The current DEF LDAP authentication system works well, but some partners have come to consider it is a security risk that users disclose their ID and password to servers that are not controlled by themselves. This proposal builds on and extends the current DEF LDAP infrastructure in a way that this potential risk is removed as user IDs and passwords are only disclosed to the local (trusted) server of the user's own organisation.
Furthermore, the implementation of LDAP on top of proprietary user databases can be non-trivial thus slowing down the addition of small organisations to the DEF authentication infrastructure. This proposal, by using a simple authentication mechanism, reduces the complexity of interfacing heterogeneous user databases.
Technically, the proposal extends the existing DEF LDAP infrastructure by adding CAS, the Open Source Central Authentication Service of Yale University - see web-site http://www.yale.edu/tp/auth/ and CAS-Dispatcher, the Open Source DEF Login Service, which is a relatively simple login and validation dispatcher to be developed in order to make CAS work in multi-organisational settings. Both CAS and CAS-Dispatcher seem simple to add to the existing LDAP infrastructure and likewise the demands on the service providers is quite manageable.

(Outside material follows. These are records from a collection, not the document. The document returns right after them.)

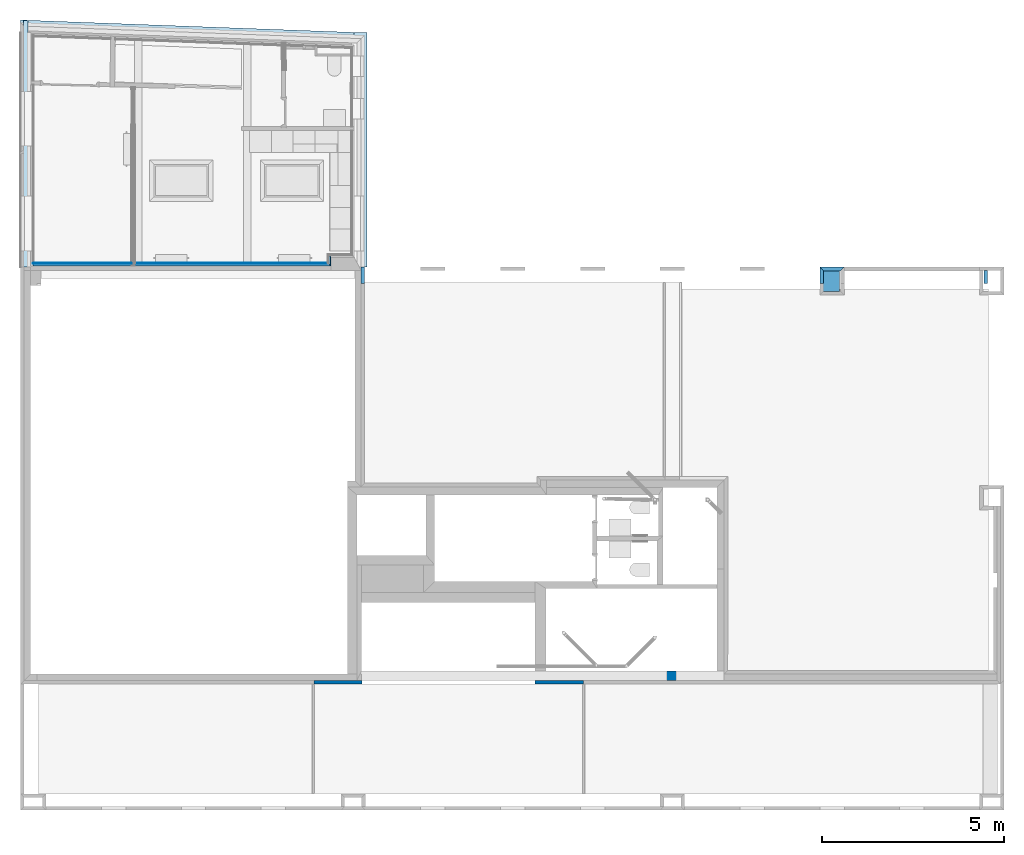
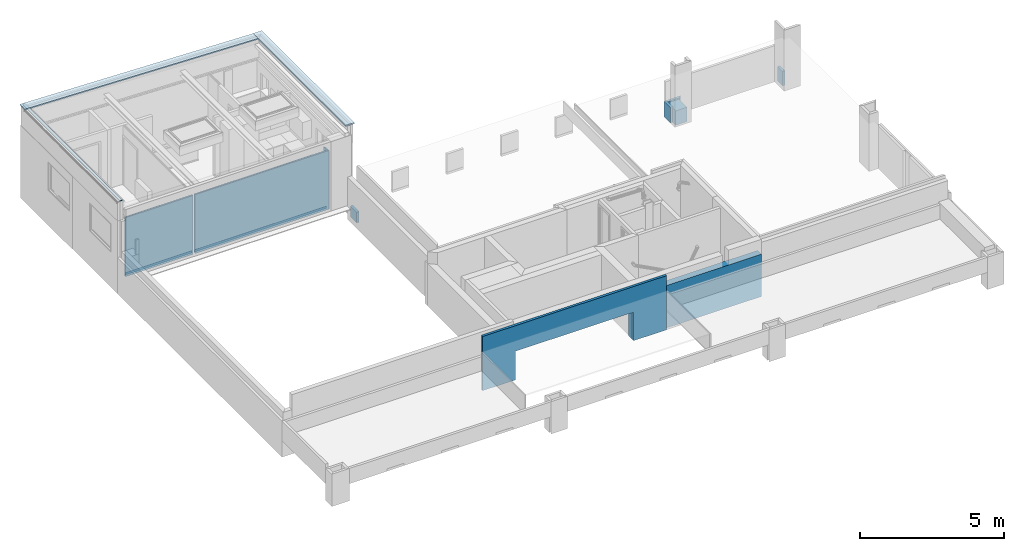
# One storey, part 7 of 23: 7 building element parts, 7 walls, 3 roofs, 3 elements without a shape of their own.
"""IFC2X3 building model written with IfcOpenShell, lengths in metres."""

import ifcopenshell
import ifcopenshell.guid

model = None  # the IFC model being written
_history = None  # IfcOwnerHistory: only IFC2X3 demands one
_inside = {}  # id of a spatial element -> (the spatial element, [elements in it])
_under = {}  # id of a project, library or spatial element -> (it, [spatial elements below it])
_declared = {}  # id of a project -> (the project, [libraries it declares])
_typed = {}  # id of a type object -> (the type object, [elements of that type])
_made_of = {}  # id of a material, layer set ... -> (it, [elements and type objects made of it])


def new_model(schema):
    """Start an empty IFC model of exactly this schema.

    Asked for "IFC4X3", IfcOpenShell would pick the latest addendum, in which some entities
    have other attributes; the version numbers below select the first issue.
    IFC2X3 requires an IfcOwnerHistory on every rooted entity: one is made here for all.
    """
    global model, _history
    if schema == "IFC4X3":
        model = ifcopenshell.file(schema_version=(4, 3, 0, 0))
    else:
        model = ifcopenshell.file(schema=schema)
    _inside.clear()
    _under.clear()
    _declared.clear()
    _typed.clear()
    _made_of.clear()
    _history = None
    if model.schema == "IFC2X3":
        org = make("IfcOrganization", Name="unknown")
        user = make(
            "IfcPersonAndOrganization",
            ThePerson=make("IfcPerson", FamilyName="unknown"),
            TheOrganization=org,
        )
        app = make(
            "IfcApplication",
            ApplicationDeveloper=org,
            Version="unknown",
            ApplicationFullName="unknown",
            ApplicationIdentifier="unknown",
        )
        _history = make(
            "IfcOwnerHistory",
            OwningUser=user,
            OwningApplication=app,
            ChangeAction="ADDED",
            CreationDate=0,
        )
    return model


def make(cls, **values):
    """One entity of the class cls with the attributes given. An attribute that is None is left unset."""
    return model.create_entity(
        cls, **{name: value for name, value in values.items() if value is not None}
    )


def entity(cls, *values):
    """Any entity or typed value of the class cls, its attributes in the order of the schema. None: left unset."""
    e = model.create_entity(cls)
    for i, value in enumerate(values):
        if value is not None:
            e[i] = value
    return e


def rooted(cls, **values):
    """An entity with a GlobalId (a new one), such as an element, a storey or a relation."""
    return make(cls, GlobalId=ifcopenshell.guid.new(), OwnerHistory=_history, **values)


def si_unit(unit_type, name, prefix=None):
    """IfcSIUnit, for example si_unit("LENGTHUNIT", "METRE", prefix="MILLI")."""
    return make("IfcSIUnit", UnitType=unit_type, Prefix=prefix, Name=name)


def converted_unit(unit_type, name, factor, base, dimensions=None, offset=None):
    """IfcConversionBasedUnit, such as the inch: factor (a typed value) times the base unit."""
    return make(
        "IfcConversionBasedUnit"
        if offset is None
        else "IfcConversionBasedUnitWithOffset",
        ConversionOffset=offset,
        Dimensions=None
        if dimensions is None
        else entity("IfcDimensionalExponents", *dimensions),
        UnitType=unit_type,
        Name=name,
        ConversionFactor=make(
            "IfcMeasureWithUnit", ValueComponent=factor, UnitComponent=base
        ),
    )


def derived_unit(unit_type, elements):
    """IfcDerivedUnit: a product of units, each with its exponent."""
    return make(
        "IfcDerivedUnit",
        Elements=[
            make("IfcDerivedUnitElement", Unit=unit, Exponent=power)
            for unit, power in elements
        ],
        UnitType=unit_type,
    )


def money_unit(currency):
    """IfcMonetaryUnit."""
    return make("IfcMonetaryUnit", Currency=currency)


def assignment(units):
    """IfcUnitAssignment: the units of a project."""
    return None if units is None else make("IfcUnitAssignment", Units=units)


def point(xyz):
    """IfcCartesianPoint."""
    return None if xyz is None else make("IfcCartesianPoint", Coordinates=xyz)


def direction(xyz):
    """IfcDirection."""
    return None if xyz is None else make("IfcDirection", DirectionRatios=xyz)


def frame(location, z_axis=None, x_axis=None):
    """IfcAxis2Placement3D, a coordinate frame: its origin and axes. An axis left out is left unset."""
    return make(
        "IfcAxis2Placement3D",
        Location=point(location),
        Axis=direction(z_axis),
        RefDirection=direction(x_axis),
    )


def frame_2d(location, x_axis=None):
    """IfcAxis2Placement2D, a coordinate frame in the plane: its origin and x axis."""
    return make(
        "IfcAxis2Placement2D", Location=point(location), RefDirection=direction(x_axis)
    )


def origin_with_axes():
    """The frame at (0, 0, 0) with the z axis (0, 0, 1) and the x axis (1, 0, 0) written out."""
    return frame((0.0, 0.0, 0.0), z_axis=(0.0, 0.0, 1.0), x_axis=(1.0, 0.0, 0.0))


def place(relative_to, where):
    """IfcLocalPlacement: puts the frame where relative to a parent placement (None: the world)."""
    return make(
        "IfcLocalPlacement", PlacementRelTo=relative_to, RelativePlacement=where
    )


def context(
    kind, dimensions, precision=None, world=None, true_north=None, identifier=None
):
    """IfcGeometricRepresentationContext, for example the 3D "Model" context."""
    return make(
        "IfcGeometricRepresentationContext",
        ContextIdentifier=identifier,
        ContextType=kind,
        CoordinateSpaceDimension=dimensions,
        Precision=precision,
        WorldCoordinateSystem=world,
        TrueNorth=true_north,
    )


def subcontext(parent, identifier, kind, view, scale=None):
    """IfcGeometricRepresentationSubContext, for example "Body" below "Model"."""
    return make(
        "IfcGeometricRepresentationSubContext",
        ContextIdentifier=identifier,
        ContextType=kind,
        ParentContext=parent,
        TargetScale=scale,
        TargetView=view,
    )


def project(units=None, contexts=None):
    """IfcProject with its units and contexts."""
    return rooted(
        "IfcProject",
        Name="project",
        RepresentationContexts=contexts,
        UnitsInContext=assignment(units),
    )


def spatial(cls, under=None, at=None, **own):
    """A site, building, storey or space (cls), placed at a placement, below another one or the project."""
    s = rooted(cls, ObjectPlacement=at, **own)
    if under is not None:
        _under.setdefault(under.id(), (under, []))[1].append(s)
    return s


def polyline(points):
    """IfcPolyline through the points."""
    return make("IfcPolyline", Points=[point(p) for p in points])


def profile(cls, at=None, kind="AREA", **sizes):
    """A parametric profile (cls). Its sizes go by their IFC names, for example OverallWidth=200.0."""
    return make(cls, ProfileType=kind, Position=at, **sizes)


def rectangle(**sizes):
    """IfcRectangleProfileDef."""
    return profile("IfcRectangleProfileDef", **sizes)


def outline(outer, holes=None, kind="AREA"):
    """IfcArbitraryClosedProfileDef: a profile drawn as a closed curve; with holes, ...WithVoids."""
    if holes is None:
        return make("IfcArbitraryClosedProfileDef", ProfileType=kind, OuterCurve=outer)
    return make(
        "IfcArbitraryProfileDefWithVoids",
        ProfileType=kind,
        OuterCurve=outer,
        InnerCurves=holes,
    )


def extrude(swept, where, along, depth):
    """IfcExtrudedAreaSolid: the profile swept, set in the frame where, extruded along a direction by depth."""
    return make(
        "IfcExtrudedAreaSolid",
        SweptArea=swept,
        Position=where,
        ExtrudedDirection=direction(along),
        Depth=depth,
    )


def faces_of(points, faces, orient=None, outer=None):
    """IfcFace entities. A face is a list of loops; a loop is a list of indices into points, from 0.

    orient and outer hold one flag for each loop. By default every Orientation is true, the
    first loop of a face is its IfcFaceOuterBound and the others are IfcFaceBound.
    """
    made = []
    for i, loops in enumerate(faces):
        bounds = []
        for j, loop in enumerate(loops):
            is_outer = j == 0 if outer is None else outer[i][j]
            bounds.append(
                make(
                    "IfcFaceOuterBound" if is_outer else "IfcFaceBound",
                    Bound=make("IfcPolyLoop", Polygon=[points[k] for k in loop]),
                    Orientation=True if orient is None else orient[i][j],
                )
            )
        made.append(make("IfcFace", Bounds=bounds))
    return made


def faceted_brep(points, faces, orient=None, outer=None, voids=None):
    """IfcFacetedBrep: a solid bounded by flat faces; with voids (closed shells), ...WithVoids."""
    shared = [point(p) for p in points]
    hull = make("IfcClosedShell", CfsFaces=faces_of(shared, faces, orient, outer))
    if voids is None:
        return make("IfcFacetedBrep", Outer=hull)
    return make(
        "IfcFacetedBrepWithVoids",
        Outer=hull,
        Voids=[
            make(cls, CfsFaces=faces_of(shared, fs, o, b)) for cls, fs, o, b in voids
        ],
    )


def shape(context_of_items, identifier, shape_type, items):
    """IfcShapeRepresentation: the items that make up one representation, for example the "Body"."""
    return make(
        "IfcShapeRepresentation",
        ContextOfItems=context_of_items,
        RepresentationIdentifier=identifier,
        RepresentationType=shape_type,
        Items=items,
    )


def material(Name=None, Category=None):
    """IfcMaterial."""
    return make("IfcMaterial", Name=Name, Category=Category)


def layer(
    of_material, thickness, ventilated=None, Name=None, Category=None, Priority=None
):
    """IfcMaterialLayer: one layer of a wall or slab, of a material (None: an air gap)."""
    return make(
        "IfcMaterialLayer",
        Material=of_material,
        LayerThickness=thickness,
        IsVentilated=ventilated,
        Name=Name,
        Category=Category,
        Priority=Priority,
    )


def layer_set(layers, Name=None):
    """IfcMaterialLayerSet."""
    return make("IfcMaterialLayerSet", MaterialLayers=layers, LayerSetName=Name)


def layer_usage(for_layer_set, set_direction, sense, offset, extent=None):
    """IfcMaterialLayerSetUsage: how a layer set lies in its element."""
    return make(
        "IfcMaterialLayerSetUsage",
        ForLayerSet=for_layer_set,
        LayerSetDirection=set_direction,
        DirectionSense=sense,
        OffsetFromReferenceLine=offset,
        ReferenceExtent=extent,
    )


def made_of(thing, what):
    """Note that an element or type object is made of a material, layer set ...; save() writes the relation."""
    if what is not None:
        _made_of.setdefault(what.id(), (what, []))[1].append(thing)
    return thing


def type_object(cls, material=None, **own):
    """A type object (cls), such as IfcWallType, which elements share."""
    return made_of(rooted(cls, **own), material)


def element(
    cls,
    number,
    at=None,
    inside=None,
    cuts=None,
    type_object=None,
    material=None,
    context=None,
    identifier="Body",
    shape_type=None,
    held_by="IfcProductDefinitionShape",
    body=None,
    shapes=None,
    **own,
):
    """One element of the class cls, such as IfcWall. Its Tag is "e" and its number.

    at: its placement. inside: the storey or other place that contains it. cuts: it is an
    opening in that element (IfcRelVoidsElement). A single representation is given by context,
    identifier, shape_type and body (its items); several are given by shapes. held_by: the class
    of the entity that holds the representations. save() writes the other relations.
    """
    e = rooted(cls, Tag="e%d" % number, ObjectPlacement=at, **own)
    if body is not None:
        shapes = [shape(context, identifier, shape_type, body)]
    if shapes is not None:
        e.Representation = make(held_by, Representations=shapes)
    if inside is not None:
        _inside.setdefault(inside.id(), (inside, []))[1].append(e)
    if cuts is not None:
        rooted(
            "IfcRelVoidsElement", RelatingBuildingElement=cuts, RelatedOpeningElement=e
        )
    if type_object is not None:
        _typed.setdefault(type_object.id(), (type_object, []))[1].append(e)
    return made_of(e, material)


def aggregate(whole, parts):
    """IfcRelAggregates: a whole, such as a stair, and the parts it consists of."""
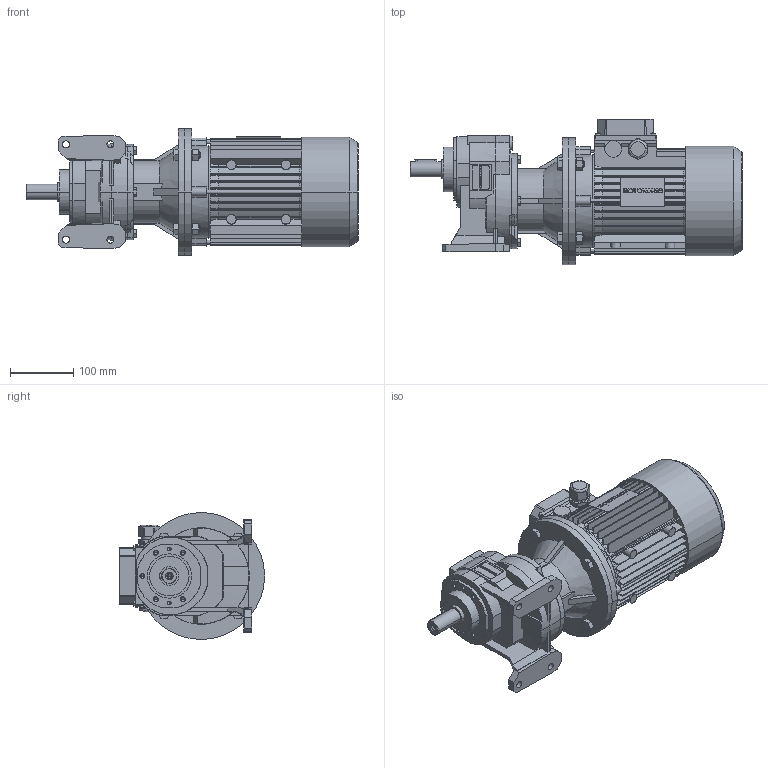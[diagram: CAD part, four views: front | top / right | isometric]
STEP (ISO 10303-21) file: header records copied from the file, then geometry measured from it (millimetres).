
FILE_DESCRIPTION( ( '' ), '1' );
FILE_NAME( '//expscmdclustefs.cadenas.external/client_exchange/iodir/jobs/output/wkb51935046_no0/STEP/H051U1_2790_B524x500T090L1_2_03.stp', '2012-12-04T09:19:48', ( '' ), ( '' ), ' ', ' ', ' ' );
FILE_SCHEMA( ( 'CONFIG_CONTROL_DESIGN' ) );
Length unit declared in the file: millimetre
Products named in the file (11): 1; 2; 3; 4; 5; 6; 7; 8; 9; 10; 11
Bounding box: 523 x 228.6 x 200 mm (x, y, z)
Volume: 8981172.5 mm3; surface area: 813359.4 mm2
Topology: 11 solids, 11 shells, 2280 faces, 6211 edges, 4065 vertices
Faces by surface type: plane 1206, cylinder 861, cone 196, torus 11, sphere 6
Entity records: 73355 total; most frequent: CARTESIAN_POINT 13939, DIRECTION 12701, ORIENTED_EDGE 12386, EDGE_CURVE 6193, AXIS2_PLACEMENT_3D 4509, VERTEX_POINT 4065, LINE 3683, VECTOR 3683
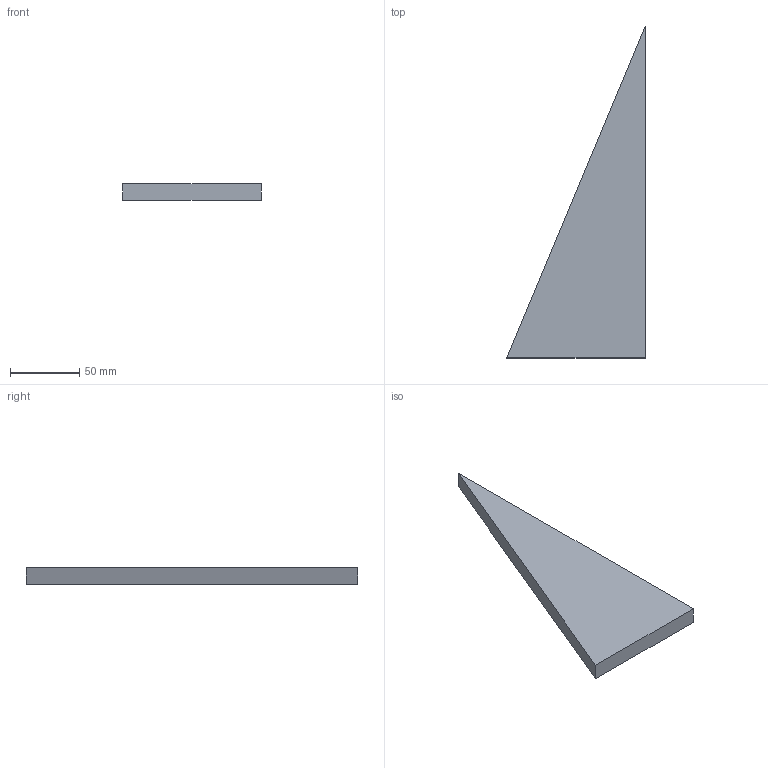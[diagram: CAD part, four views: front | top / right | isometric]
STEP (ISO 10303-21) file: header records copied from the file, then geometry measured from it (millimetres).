
FILE_DESCRIPTION(('Open CASCADE Model'),'2;1');
FILE_NAME('Open CASCADE Shape Model','2026-10-19T10:09:19',('Author'),( 'Open CASCADE'),'Open CASCADE STEP processor 8.0','Open CASCADE 8.0' ,'Unknown');
FILE_SCHEMA(('AUTOMOTIVE_DESIGN { 1 0 10303 214 1 1 1 1 }'));
Length unit declared in the file: millimetre
Products named in the file (1): U01_CARTELA_100x240x12_P05 28
Bounding box: 100 x 240 x 12 mm (x, y, z)
Volume: 144000 mm3; surface area: 31200 mm2
Topology: 1 solids, 1 shells, 5 faces, 9 edges, 6 vertices
Faces by surface type: plane 5
Entity records: 250 total; most frequent: CARTESIAN_POINT 39, DIRECTION 39, LINE 27, VECTOR 27, ORIENTED_EDGE 18, PCURVE 18, DEFINITIONAL_REPRESENTATION 18, EDGE_CURVE 9
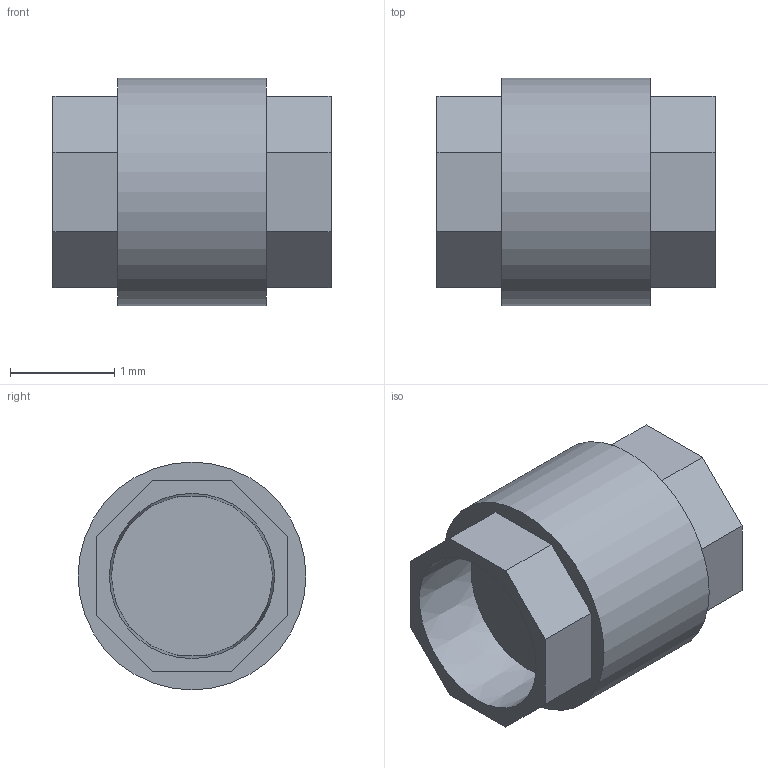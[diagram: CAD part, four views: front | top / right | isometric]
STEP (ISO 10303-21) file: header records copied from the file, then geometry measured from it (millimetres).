
FILE_DESCRIPTION(('Open CASCADE Model'),'2;1');
FILE_NAME('Open CASCADE Shape Model','2021-09-28T16:13:38',('Author'),( 'Open CASCADE'),'Open CASCADE STEP processor 7.3','Open CASCADE 7.3' ,'Unknown');
FILE_SCHEMA(('AUTOMOTIVE_DESIGN { 1 0 10303 214 1 1 1 1 }'));
Length unit declared in the file: millimetre
Products named in the file (1): Open CASCADE STEP translator 7.3 1
Bounding box: 2.67 x 2.19 x 2.19 mm (x, y, z)
Volume: 6.2 mm3; surface area: 31.3 mm2
Topology: 1 solids, 1 shells, 25 faces, 57 edges, 38 vertices
Faces by surface type: plane 22, cone 2, cylinder 1
Full cylindrical faces by diameter (mm): 2.185 x1
Entity records: 1457 total; most frequent: CARTESIAN_POINT 262, DIRECTION 222, LINE 156, VECTOR 156, ORIENTED_EDGE 114, PCURVE 114, DEFINITIONAL_REPRESENTATION 114, EDGE_CURVE 57

| 1. | User contacts an arbitrary service provider requiring authentication and is redirected to the CAS-Dispatcher. If the service provider does not require up-front authentication, it may offer a link to the CAS-Dispatcher for users wanting to login. In both cases, the URL contains the service ID (the service web server URL). |
| 2. | CAS-Dispatcher prompts the user to choose the relevant local user database (CAS server) for login. CAS-Dispatcher returns a cookie (C1) specifying the CAS server of choice to avoid repeated prompting. CAS-Dispatcher redirects the user to the appropriate CAS server with a service ID, which integrates its own URL as well as the original service ID. |
| 3. | The CAS server prompts the user for ID/password and validates this, either using the local LDAP server through its LDAP backend (standard DEF scenario) or by accessing any other local user database. If successful, the CAS server returns a cookie (C2) to avoid repeated logins during the browser session. CAS redirects the user to the CAS-Dispatcher integrating the original service ID as well as a CAS ticket (a large random number) in the URL. |
| 4-5. | CAS-Dispatcher adds the CAS server ID to the CAS ticket which now becomes the CAS-Dispatcher ticket, unique across CAS servers. CAS-Dispatcher redirects the user to the service provider web server with the CAS-Dispatcher ticket integrated in the URL. |
| 6-7. | The service provider requests a CAS-Dispatcher ticket validation from the CAS-Dispatcher which in turn validates the CAS ticket with the appropriate CAS server. |
In the model described above, the CAS-Dispatcher is only visible to end-user, during the selection of authentication organisation (CAS server). To the service providers, it appears like a regular CAS server and to the CAS servers, it appears like a regular service provider.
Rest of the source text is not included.